I don’t think that the consumption-based economy is ever going to recover. I feel irritated whenever I hear or read commentary complaining about housing prices dropping or remaining stagnant. The entire crazed HELOC-and-credit-card financed boom is not coming back, and I suppose that’s bad news for the commercial banks that make their bones on mortgages. Despite this, I don’t believe that companies and people will just sit around twiddling their thumbs over the next few years.

It mostly comes down to how much the governmenet fucks things up. So far, the promised regulations of the securities industry have not gone through. I doubt they will, if only because the Democrats are going to need those campaign contributions going forward.

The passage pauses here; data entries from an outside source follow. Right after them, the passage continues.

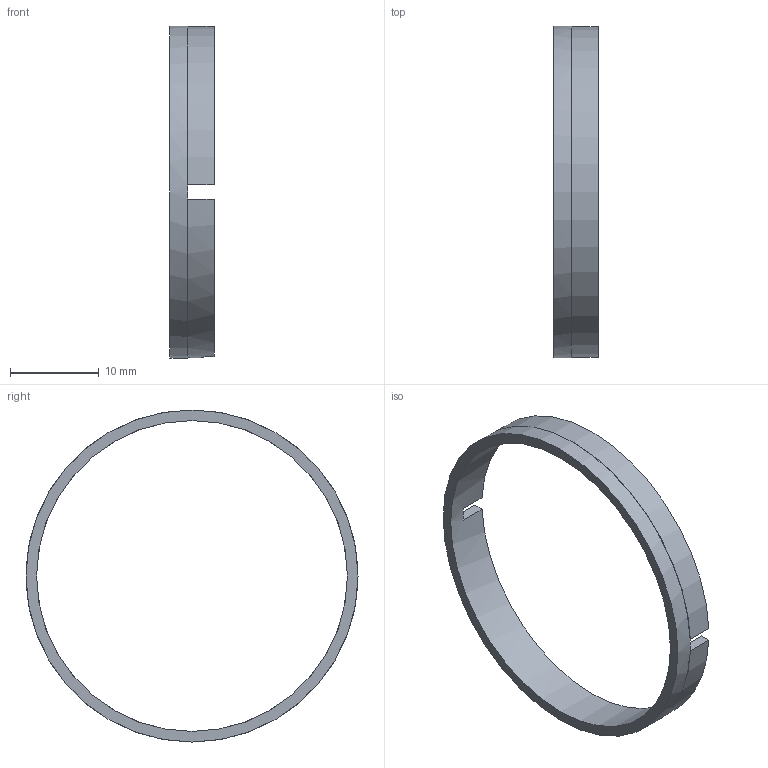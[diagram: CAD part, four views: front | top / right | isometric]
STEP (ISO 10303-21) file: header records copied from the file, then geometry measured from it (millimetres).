
FILE_DESCRIPTION(('SkyG Speed 90 - revision C6-9 - 2026-10-07','N0MD-dome-ring'),'2;1');
FILE_NAME('N0MD-dome-ring_C6-9','2026-10-07T14:03:25',('Author'),( 'Open CASCADE'),'Open CASCADE STEP processor 7.9','Open CASCADE 7.9' ,'Unknown');
FILE_SCHEMA(('AUTOMOTIVE_DESIGN { 1 0 10303 214 1 1 1 1 }'));
Length unit declared in the file: millimetre
Products named in the file (1): N0MD-dome-ring C6-9
Bounding box: 5 x 37.5 x 37.5 mm (x, y, z)
Volume: 654.9 mm3; surface area: 1407 mm2
Topology: 1 solids, 1 shells, 19 faces, 54 edges, 36 vertices
Faces by surface type: plane 14, cylinder 4, bspline 1
Full cylindrical faces by diameter (mm): 35.1 x1, 37.5 x1
Entity records: 1336 total; most frequent: CARTESIAN_POINT 344, DIRECTION 156, ORIENTED_EDGE 108, PCURVE 108, DEFINITIONAL_REPRESENTATION 108, B_SPLINE_CURVE_WITH_KNOTS 63, LINE 57, VECTOR 57
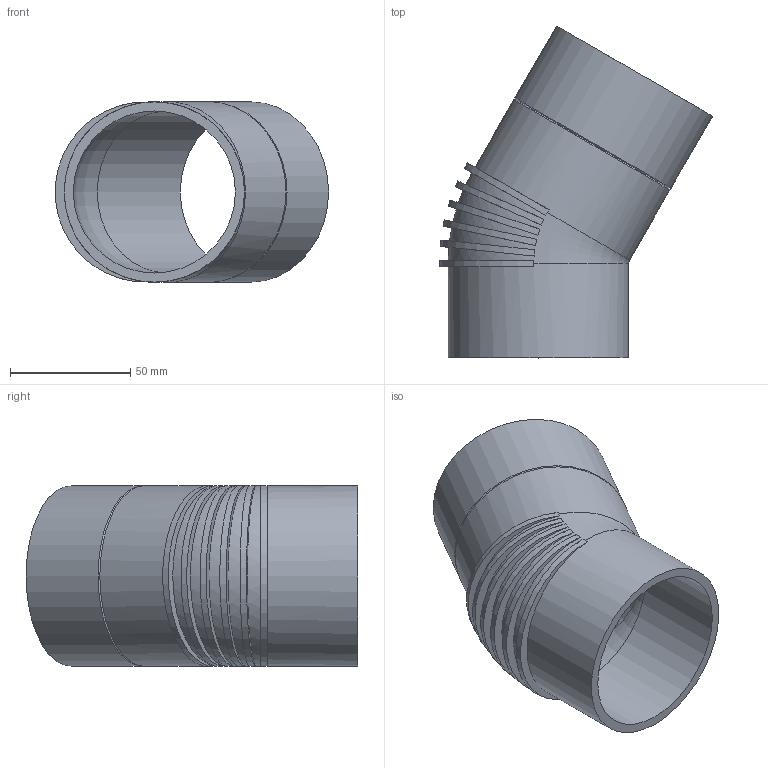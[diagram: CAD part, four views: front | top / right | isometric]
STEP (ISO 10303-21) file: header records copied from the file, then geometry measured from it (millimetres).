
FILE_DESCRIPTION(/* description */ (''),/* implementation_level */ '2;1');
FILE_NAME(/* name */ 'Z:\Geberit\Export\NewStep\Bogen_Ipart\stp\307300.stp',/* time_stamp */ '2014-04-03T16:42:16+02:00',/* author */ ('Marco'),/* organization */ (''),/* preprocessor_version */ 'ST-DEVELOPER v15.2',/* originating_system */ 'Autodesk Inventor 2014',/* authorisation */ '');
FILE_SCHEMA (('AUTOMOTIVE_DESIGN { 1 0 10303 214 3 1 1 }'));
Length unit declared in the file: millimetre
Products named in the file (1): 307300
Bounding box: 113.64 x 138.03 x 75 mm (x, y, z)
Volume: 114550.7 mm3; surface area: 63382.8 mm2
Topology: 1 solids, 1 shells, 29 faces, 78 edges, 51 vertices
Faces by surface type: plane 14, cylinder 11, cone 2, torus 2
Full cylindrical faces by diameter (mm): 67.4 x2, 75 x3
Entity records: 1186 total; most frequent: CARTESIAN_POINT 522, ORIENTED_EDGE 122, DIRECTION 114, EDGE_CURVE 61, AXIS2_PLACEMENT_3D 55, VERTEX_POINT 47, EDGE_LOOP 44, B_SPLINE_CURVE_WITH_KNOTS 32

At some point, the Federal government is going to come to a California-style crossroads. Although ideas for new taxes have been floated, I doubt many of them will stick – especially the VAT proposal. Any new taxes that are imposed will just provide a massive boost to the Republicans, especially as jobs-creation programs prove to be hilarious failures over time.

Instead, federal programs and pay will be shaved like cheese on a grater. Either that, or the US goes to crazy town and defaults or hyper-inflates – but I really doubt either will happen. Nothing else makes sense, barring a shocking technological breakthrough followed by abnormally high growth.